Immediately following Emancipation, there were 4,047 millionaires in the United States-and six of them were African American.
Between 1830 and 1927, as the last generation of blacks born into slavery was reaching maturity, a small group of industrious, tenacious, and daring men and women broke new ground to attain the highest levels of financial success.

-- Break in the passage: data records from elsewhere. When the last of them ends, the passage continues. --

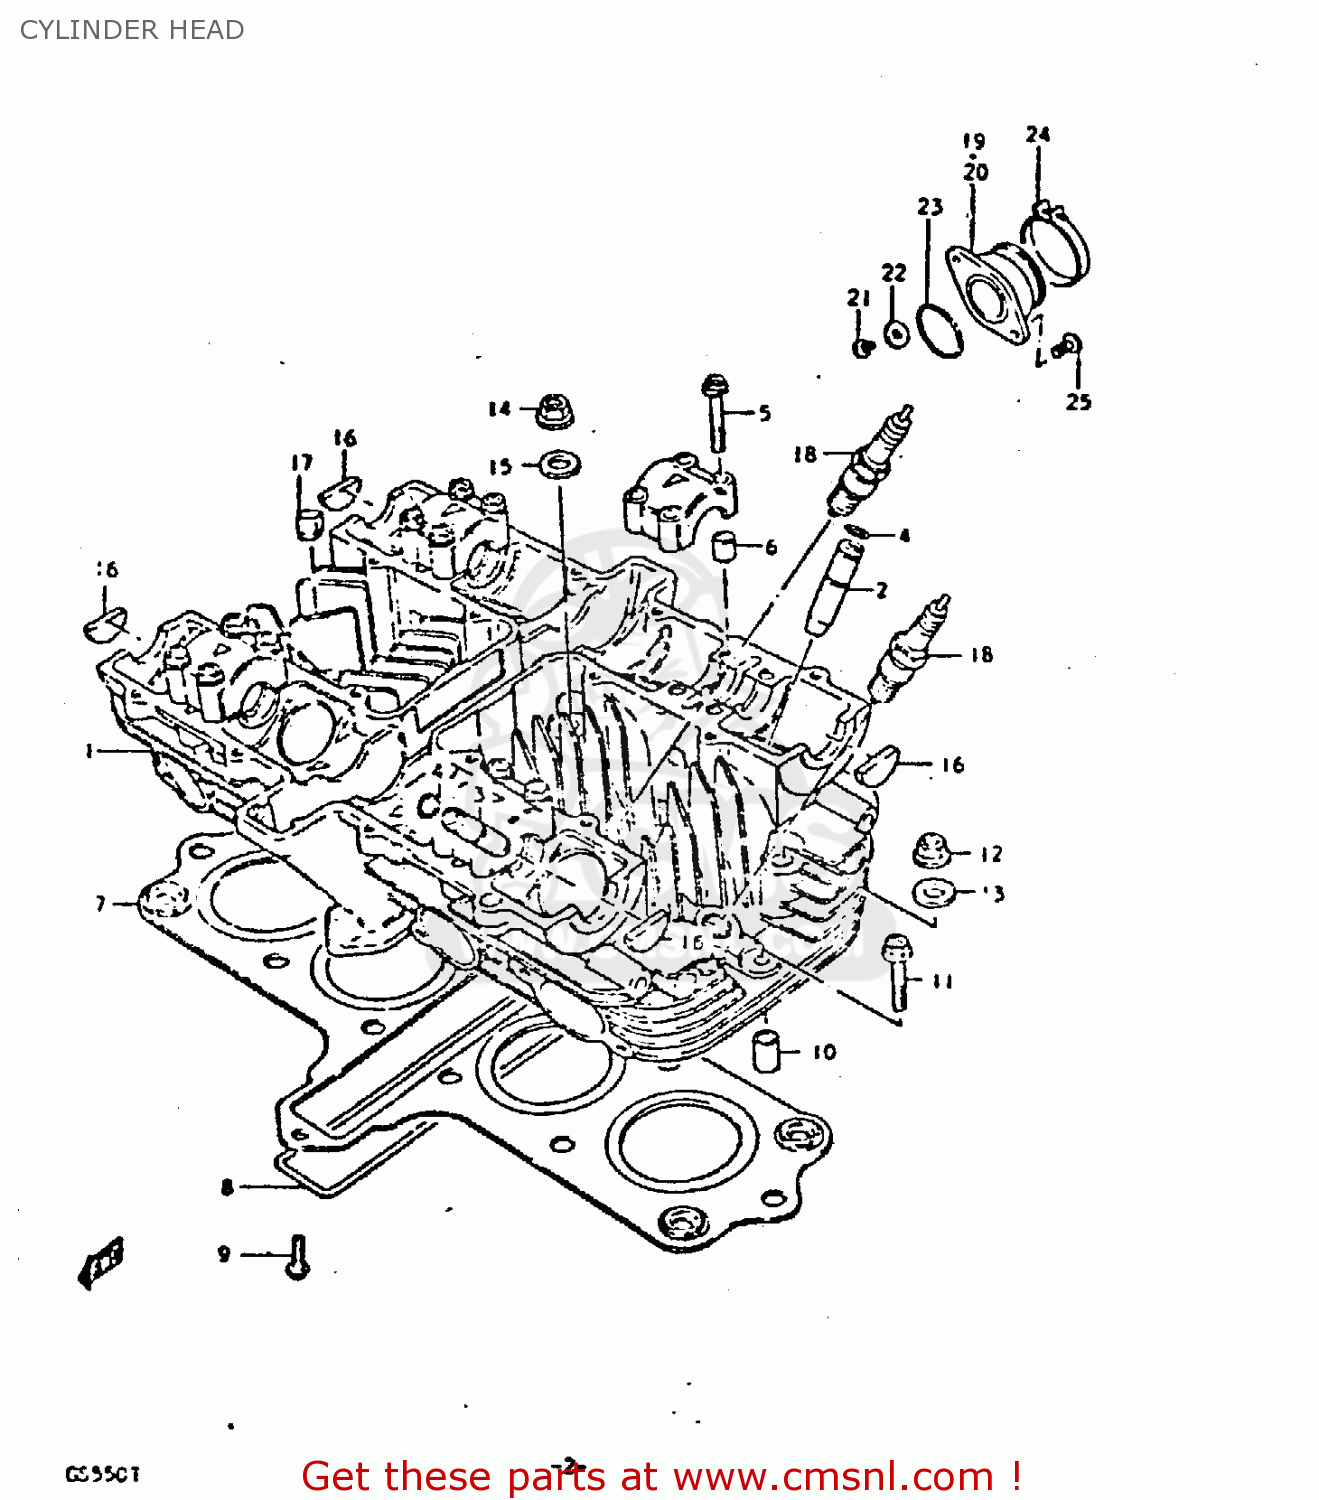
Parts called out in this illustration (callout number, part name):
1	HEAD ASSEMBLY,CYLINDER
2	GUIDE,VALVE
3	GUIDE,VALVE
4	RING,SNAP
5	BOLT(6X39)
6	PIN(6.2X8X11)
7	GASKET,CYLINDER HEAD (MCA)
8	O RING(D:3,ID:26X157)
9	BOLT
10	PIN
11	BOLT,UNDER
12	NUT
13	GASKET (NAS)
14	NUT
15	WASHER(8.5X19X2.3)
16	PLUG
17	PAD
18	SPARK PLUG
19	PIPE,INTAKE,R
20	PIPE,INTAKE,L
21	BOLT
22	WASHER
23	O-RING
24	CLAMP
25	SCREW
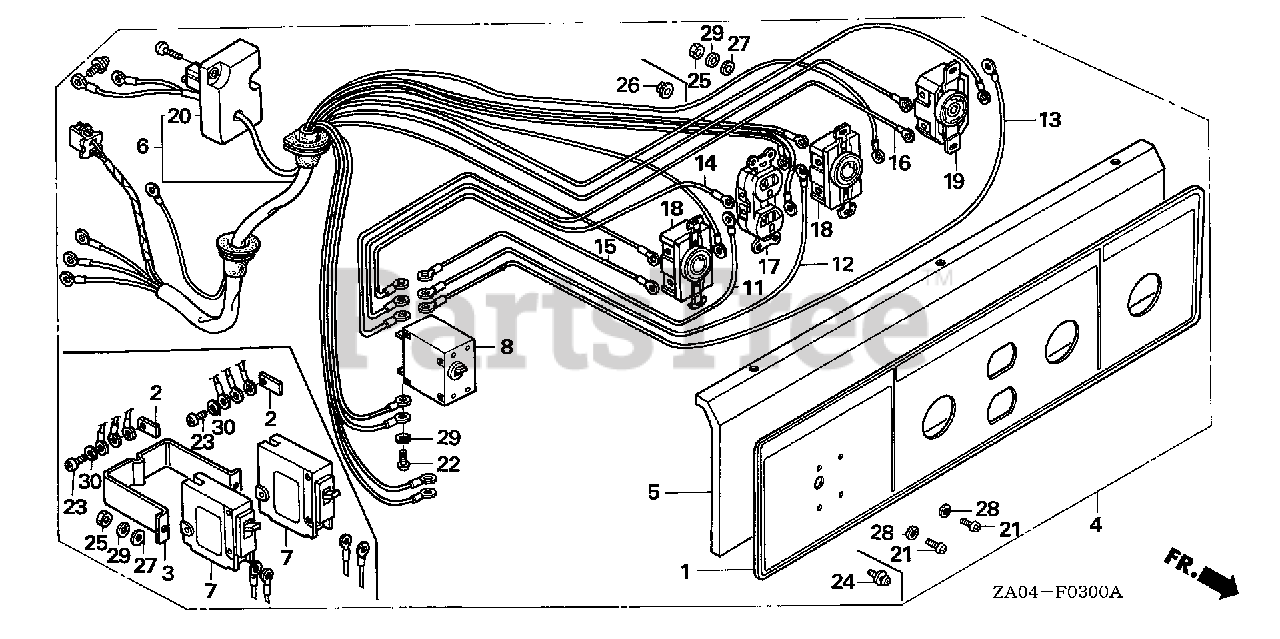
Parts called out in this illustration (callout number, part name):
1	MARK, RECEPTACLE PANEL
4	PANEL ASSY., RECEPTACLE *B9* (ATLANTIS BLUE)
5	PANEL, RECEPTACLE *B9* (ATLANTIS BLUE)
6	WIRE HARNESS ASSY., RECEPTACLE
8	BREAKER, CIRCUIT (22A)
11	WIRE, RECEPTACLE CIRCUIT BREAKER CONNECTING
12	WIRE, RECEPTACLE CIRCUIT BREAKER CONNECTING
13	WIRE, RECEPTACLE CIRCUIT BREAKER CONNECTING
14	WIRE, RECEPTACLE CIRCUIT BREAKER CONNECTING
15	WIRE, RECEPTACLE CIRCUIT BREAKER CONNECTING
16	WIRE, RECEPTACLE CIRCUIT BREAKER CONNECTING
17	RECEPTACLE (20A/125V) (EAGLE / RONG FENG)
18	RECEPTACLE (20A/125V) (NOT AVAILABLE)
19	RECEPTACLE (30A/125-250V)
20	CONTROL UNIT, IDLE
22	SCREW, PAN (4X8)
24	SCREW-WASHER (3X6)
26	NUT, FLANGE (4MM)
29	WASHER, SPRING (4MM)
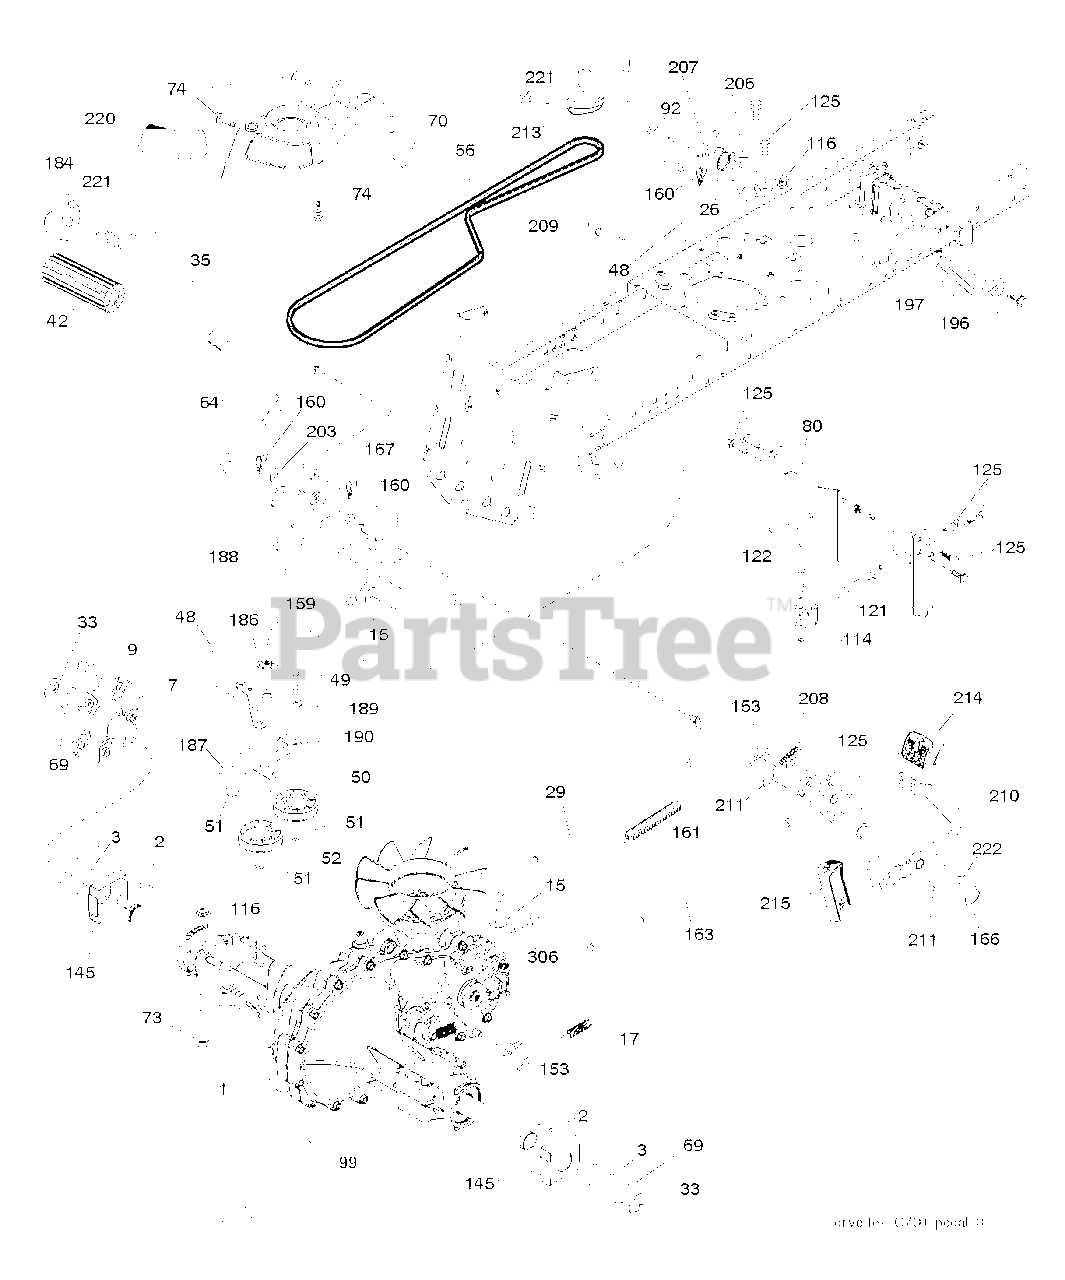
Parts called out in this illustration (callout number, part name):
2	KEY 1/4 X 2.5
7	HUB.ASM.WHEEL.REAR.23"TEX
15	WASHER
17	SPRING.BRAKE.HG3000/3500
26	SPRING.RETURN.CRUISE
33	E RING HYT
35	ROD.BRAKE.PARTK.HUSQ.TEX
42	PEDAL COVER T
48	BOLT.3/8-16X1.50
50	IDLER.FLAT.910.OFFSET
51	NUT LOCK FLG 3/8-16 UNC
52	IDLER.V-GROOVE.910.OFFSET
56	V-BELT.GROUND.DRIVE.
64	SHAFT.ASM.PEDAL.BRK.CNTR
70	CONSOLE.ASM.RH.GT.FC.HUSQ
73	BOLT HEX FLGHD 5/16-18X3 GR. 5
74	SCREW.HI-LO.CONSOLE
80	STRAP.TORQUE.YT.G700
92	BOLT
99	SPRING.BYPASS.YT.G700
114	NUT.71038.31-18.HEX.NYLOCK
116	NUT LOCK HEX FLANGE 5/16-18
121	BRACKET STRAP TORQUE
122	BOLT.5/16-18X2.5
125	SCREW
145	WASHER.AXLE.FLANGE.HG-3000
153	RETAINER M
159	COTTER PIN
160	RETAINER CLIP
161	SPRING, RETURN LT
163	ROD PEDAL CONTROL
166	NUT.PUSH.625
167	LATCH.BRAKE.SPRING
184	RB HANDLE.PARKG.BRK.HUS/PRED
186	SPACER.RETAINER
187	WASHER 12/32X2X10GA
188	RP LINK.CLUTCH.GROUND.DRIVE
189	BELLCRANK.GROUND.DRIVE.TRAPPED
190	KEEPER BELLCRANK ROUND DRIVE
196	SCREW 3/8-16X1
197	BRKT.ANIT-ROTATION.CLUTCH
203	WASHER
206	BRKT.MOUNT.LATCH.CRUIS
207	LATCH.CONTROL.CRUISE
208	GEAR.SECTOR.CONTROL.CR
209	ROD.CONTROL.CRUISE.GT.
210	ROCKER.ASM.PEDAL.CONTR
211	BEARING.NYLON
213	KNOB.CONTROL.CRUSIE.HU
214	PEDAL.FORWARD.PAD.TEX
215	PEDAL.REVERSE.TEX.GT.4
220	REFLECTOR.RH.TEX GT
221	RETAINER.SPRING.CLIP.H
222	WASHER 21/32 X 1-1/4 X 10 GA.
306	PIN COTTER

Mary Ellen Pleasant used her Gold Rushwealth to further the cause of abolitionist John Brown. Robert Reed Church became the largest landowner in Tennessee. Hannah Elias, the mistress of a New York City millionaire, used the property her lover gave her to build an empire in Harlem. Orphan and self-taught chemist Annie Turnbo Malone developed the first national brand of hair care products. Mississippi schoolteacher O. W. Gurley developed a piece of Tulsa, Oklahoma, into a “town” for wealthy black professionals and craftsmen that would become known as “Black Wall Street.” Although Madam C. J. Walker was given the title of America's first female black millionaire, she was not. She was the first, however, to flaunt and openly claim her wealth-a dangerous and revolutionary act.
Nearly all the unforgettable personalities in this amazing collection were often attacked, demonized, or swindled out of their wealth. Black Fortunes illuminates as never before the birth of the black business titan.